**ASSIGNED TASK**:
Only the lines from the beginning of the data through the one with "msp = doc.modelspace()" belong in the answer, each retyped exactly, with pictures left out.

(Stored entries)
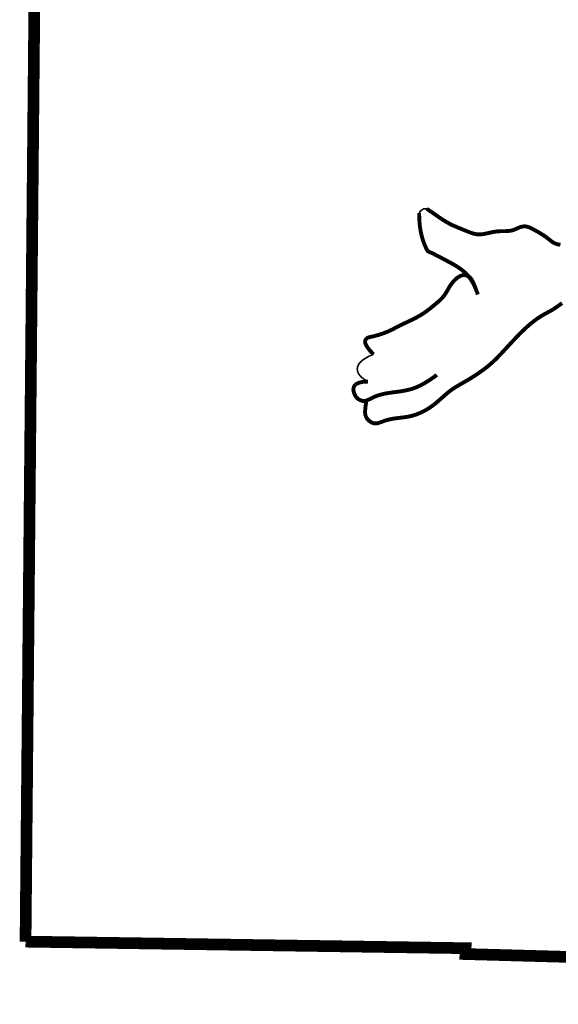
# Model space of a CAD drawing. Extents: x 185 to 418, y -408 to -105.
# Tile 3 of 118: x 365 to 374, y -369 to -353. Entities that reach past the tile are written whole.
import ezdxf

# ---------------------------------------------------------------- set-up
doc = ezdxf.new("R2010")
doc.units = 0
doc.header["$LTSCALE"] = 25
doc.header["$MEASUREMENT"] = 0
doc.layers.add('BELMONT-BORDER', color=5, linetype='CONTINUOUS')
doc.layers.add('FACE', color=160, linetype='CONTINUOUS')

msp = doc.modelspace()

# ---------------------------------------------------------------- linework, layer by layer
at = {"layer": 'BELMONT-BORDER', "color": 7, "const_width": 0.19}
for points in [[(365.377, -368.207), (365.619, -342.493), (372.968, -342.422), (372.971, -342.698), (395.382, -343.328), (395.384, -342.937), (399.518, -343.019)], [(365.377, -368.207), (372.529, -368.314), (372.526, -368.409), (379.646, -368.607), (379.64, -368.748), (392.331, -369.13)]]:
    msp.add_lwpolyline(points, dxfattribs=at)
at = {"layer": 'FACE', "color": 7}
for points, const_width in [([(372.728, -357.695), (372.697, -357.611), (372.665, -357.54), (372.633, -357.48), (372.599, -357.43), (372.566, -357.387), (372.531, -357.351), (372.497, -357.32), (372.463, -357.293), (372.429, -357.268), (372.395, -357.245), (372.361, -357.224), (372.328, -357.204), (372.294, -357.186), (372.261, -357.168), (372.227, -357.15), (372.194, -357.133), (372.16, -357.115), (372.128, -357.097), (372.096, -357.081), (372.065, -357.064), (372.037, -357.05), (372.011, -357.036), (371.989, -357.025), (371.969, -357.017), (371.954, -357.01), (371.942, -357.006), (371.933, -357.003), (371.925, -356.999), (371.918, -356.994), (371.912, -356.987), (371.906, -356.978), (371.898, -356.964), (371.889, -356.946), (371.878, -356.922), (371.866, -356.895), (371.853, -356.863), (371.841, -356.827), (371.828, -356.787), (371.816, -356.744), (371.805, -356.697), (371.795, -356.647), (371.787, -356.594), (371.781, -356.539), (371.777, -356.48), (371.775, -356.419), (371.775, -356.371)], 0.0633), ([(371.775, -356.371), (371.782, -356.358), (371.789, -356.348), (371.796, -356.34), (371.803, -356.333), (371.81, -356.327), (371.817, -356.322), (371.824, -356.318), (371.83, -356.314), (371.836, -356.311), (371.842, -356.308), (371.848, -356.306), (371.855, -356.304), (371.863, -356.303), (371.873, -356.302), (371.885, -356.302), (371.899, -356.303)], 0.0267), ([(371.899, -356.303), (371.959, -356.345), (372.026, -356.391), (372.082, -356.43), (372.129, -356.462), (372.169, -356.488), (372.204, -356.51), (372.236, -356.528), (372.266, -356.545), (372.296, -356.56), (372.325, -356.574), (372.353, -356.586), (372.381, -356.598), (372.409, -356.61), (372.437, -356.621), (372.465, -356.633), (372.493, -356.645), (372.522, -356.656), (372.551, -356.668), (372.579, -356.679), (372.607, -356.69), (372.635, -356.699), (372.661, -356.707), (372.687, -356.713), (372.711, -356.717), (372.735, -356.719), (372.758, -356.719), (372.78, -356.718), (372.802, -356.716), (372.824, -356.713), (372.846, -356.708), (372.869, -356.704), (372.893, -356.698), (372.917, -356.693), (372.943, -356.688), (372.968, -356.682), (372.994, -356.678), (373.02, -356.674), (373.047, -356.67), (373.074, -356.668), (373.1, -356.667), (373.127, -356.666), (373.153, -356.666), (373.18, -356.666), (373.206, -356.665), (373.232, -356.663), (373.257, -356.66), (373.283, -356.655), (373.307, -356.647), (373.332, -356.637), (373.356, -356.627), (373.38, -356.616), (373.404, -356.606), (373.428, -356.598), (373.452, -356.592), (373.476, -356.589), (373.5, -356.589), (373.524, -356.593), (373.549, -356.6), (373.573, -356.609), (373.598, -356.62), (373.622, -356.633), (373.646, -356.646), (373.669, -356.659), (373.692, -356.672), (373.715, -356.685), (373.737, -356.698), (373.758, -356.711), (373.779, -356.724), (373.799, -356.736), (373.818, -356.749), (373.836, -356.762), (373.853, -356.775), (373.869, -356.788), (373.885, -356.8), (373.9, -356.813), (373.914, -356.824), (373.929, -356.835), (373.943, -356.845), (373.958, -356.854), (373.973, -356.862), (373.989, -356.868), (374.005, -356.874), (374.021, -356.879), (374.037, -356.882), (374.054, -356.885), (374.07, -356.888)], 0.0633), ([(372.728, -357.695), (372.699, -357.614), (372.674, -357.55), (372.652, -357.5), (372.632, -357.462), (372.614, -357.435), (372.597, -357.416), (372.581, -357.404), (372.565, -357.395), (372.549, -357.388), (372.533, -357.384), (372.517, -357.381), (372.5, -357.381), (372.483, -357.382), (372.466, -357.386), (372.448, -357.393), (372.43, -357.402), (372.411, -357.413), (372.392, -357.426), (372.374, -357.442), (372.355, -357.459), (372.337, -357.477), (372.32, -357.497), (372.303, -357.518), (372.288, -357.539), (372.273, -357.561), (372.26, -357.583), (372.247, -357.606), (372.234, -357.628), (372.222, -357.65), (372.209, -357.671), (372.195, -357.692), (372.181, -357.713), (372.165, -357.732), (372.149, -357.751), (372.131, -357.77), (372.113, -357.787), (372.094, -357.805), (372.074, -357.822), (372.054, -357.838), (372.034, -357.855), (372.014, -357.872), (371.994, -357.888), (371.974, -357.905), (371.954, -357.921), (371.933, -357.937), (371.913, -357.953), (371.891, -357.969), (371.87, -357.984), (371.848, -357.999), (371.826, -358.013), (371.803, -358.028), (371.779, -358.041), (371.755, -358.055), (371.731, -358.069), (371.705, -358.082), (371.679, -358.095), (371.652, -358.109), (371.624, -358.122), (371.596, -358.135), (371.568, -358.149), (371.54, -358.162), (371.512, -358.175), (371.484, -358.189), (371.457, -358.202), (371.431, -358.215), (371.405, -358.229), (371.379, -358.242), (371.354, -358.255), (371.328, -358.268), (371.302, -358.28), (371.276, -358.293), (371.248, -358.304), (371.219, -358.316), (371.19, -358.327), (371.16, -358.337), (371.13, -358.347), (371.102, -358.356), (371.074, -358.363), (371.049, -358.37), (371.026, -358.376), (371.006, -358.38), (370.988, -358.384), (370.972, -358.387), (370.959, -358.391), (370.946, -358.395), (370.935, -358.4), (370.925, -358.407), (370.915, -358.416), (370.905, -358.427), (370.898, -358.442), (370.895, -358.462), (370.899, -358.487), (370.913, -358.519), (370.937, -358.559), (370.976, -358.608), (371.031, -358.667)], 0.0633), ([(370.915, -359.429), (370.907, -359.484), (370.9, -359.531), (370.897, -359.569), (370.895, -359.602), (370.897, -359.629), (370.9, -359.652), (370.907, -359.673), (370.915, -359.691), (370.927, -359.709), (370.94, -359.727), (370.956, -359.743), (370.973, -359.757), (370.991, -359.769), (371.011, -359.779), (371.032, -359.786), (371.053, -359.789), (371.075, -359.789), (371.098, -359.786), (371.121, -359.78), (371.144, -359.772), (371.169, -359.763), (371.194, -359.754), (371.221, -359.744), (371.249, -359.736), (371.278, -359.728), (371.308, -359.721), (371.338, -359.715), (371.369, -359.71), (371.4, -359.706), (371.43, -359.702), (371.46, -359.699), (371.489, -359.695), (371.517, -359.692), (371.543, -359.688), (371.57, -359.684), (371.596, -359.68), (371.622, -359.674), (371.649, -359.668), (371.677, -359.66), (371.706, -359.651), (371.737, -359.64), (371.77, -359.627), (371.803, -359.613), (371.838, -359.596), (371.873, -359.578), (371.909, -359.557), (371.945, -359.534), (371.982, -359.508), (372.019, -359.481), (372.055, -359.451), (372.091, -359.42), (372.127, -359.389), (372.162, -359.358), (372.196, -359.328), (372.23, -359.299), (372.262, -359.273), (372.293, -359.249), (372.323, -359.228), (372.354, -359.208), (372.385, -359.189), (372.416, -359.17), (372.45, -359.151), (372.486, -359.13), (372.524, -359.108), (372.565, -359.084), (372.61, -359.057), (372.656, -359.028), (372.703, -358.998), (372.75, -358.966), (372.798, -358.932), (372.844, -358.898), (372.888, -358.864), (372.93, -358.828), (372.97, -358.793), (373.009, -358.756), (373.046, -358.719), (373.083, -358.681), (373.12, -358.642), (373.157, -358.602), (373.195, -358.561), (373.234, -358.519), (373.273, -358.476), (373.314, -358.433), (373.355, -358.39), (373.395, -358.348), (373.436, -358.307), (373.476, -358.268), (373.515, -358.232), (373.552, -358.199), (373.589, -358.168), (373.624, -358.139), (373.658, -358.114), (373.69, -358.09), (373.722, -358.069), (373.752, -358.05), (373.781, -358.032), (373.809, -358.016), (373.836, -358.001), (373.862, -357.987), (373.888, -357.973), (373.914, -357.959), (373.941, -357.943), (373.968, -357.926), (373.997, -357.907), (374.027, -357.886), (374.06, -357.862), (374.097, -357.835)], 0.0633), ([(371.031, -358.667), (370.965, -358.696), (370.909, -358.726), (370.864, -358.755), (370.828, -358.785), (370.801, -358.815), (370.783, -358.845), (370.772, -358.874), (370.768, -358.904), (370.771, -358.933), (370.78, -358.961), (370.794, -358.989), (370.814, -359.016), (370.84, -359.041), (370.869, -359.065), (370.904, -359.088), (370.942, -359.109)], 0.0267), ([(370.942, -359.109), (370.856, -359.115), (370.793, -359.129), (370.749, -359.151), (370.722, -359.179), (370.709, -359.209), (370.705, -359.242), (370.71, -359.273), (370.719, -359.303), (370.73, -359.328), (370.742, -359.349), (370.756, -359.367), (370.77, -359.382), (370.784, -359.393), (370.798, -359.403), (370.813, -359.41), (370.826, -359.416), (370.839, -359.42), (370.852, -359.423), (370.864, -359.425), (370.875, -359.426), (370.887, -359.425), (370.899, -359.423), (370.911, -359.42), (370.924, -359.416), (370.938, -359.41), (370.952, -359.403), (370.968, -359.396), (370.984, -359.388), (371.001, -359.379), (371.019, -359.371), (371.038, -359.362), (371.057, -359.353), (371.078, -359.345), (371.099, -359.338), (371.121, -359.33), (371.145, -359.323), (371.169, -359.317), (371.194, -359.311), (371.221, -359.305), (371.249, -359.3), (371.277, -359.295), (371.307, -359.291), (371.338, -359.286), (371.37, -359.282), (371.401, -359.278), (371.434, -359.274), (371.466, -359.269), (371.497, -359.264), (371.529, -359.259), (371.56, -359.253), (371.591, -359.246), (371.623, -359.238), (371.655, -359.229), (371.687, -359.218), (371.721, -359.206), (371.755, -359.191), (371.791, -359.174), (371.827, -359.155), (371.865, -359.134), (371.903, -359.11), (371.942, -359.086), (371.982, -359.059), (372.022, -359.031), (372.062, -359.002)], 0.0633)]:
    msp.add_lwpolyline(points, dxfattribs=dict(at, const_width=const_width))

doc.saveas('drawing.dxf')

**ANSWER TO THE PROBLEM**:
# Model space of a CAD drawing. Extents: x 185 to 418, y -408 to -105.
# Tile 3 of 118: x 365 to 374, y -369 to -353. Entities that reach past the tile are written whole.
import ezdxf

# ---------------------------------------------------------------- set-up
doc = ezdxf.new("R2010")
doc.units = 0
doc.header["$LTSCALE"] = 25
doc.header["$MEASUREMENT"] = 0
doc.layers.add('BELMONT-BORDER', color=5, linetype='CONTINUOUS')
doc.layers.add('FACE', color=160, linetype='CONTINUOUS')

msp = doc.modelspace()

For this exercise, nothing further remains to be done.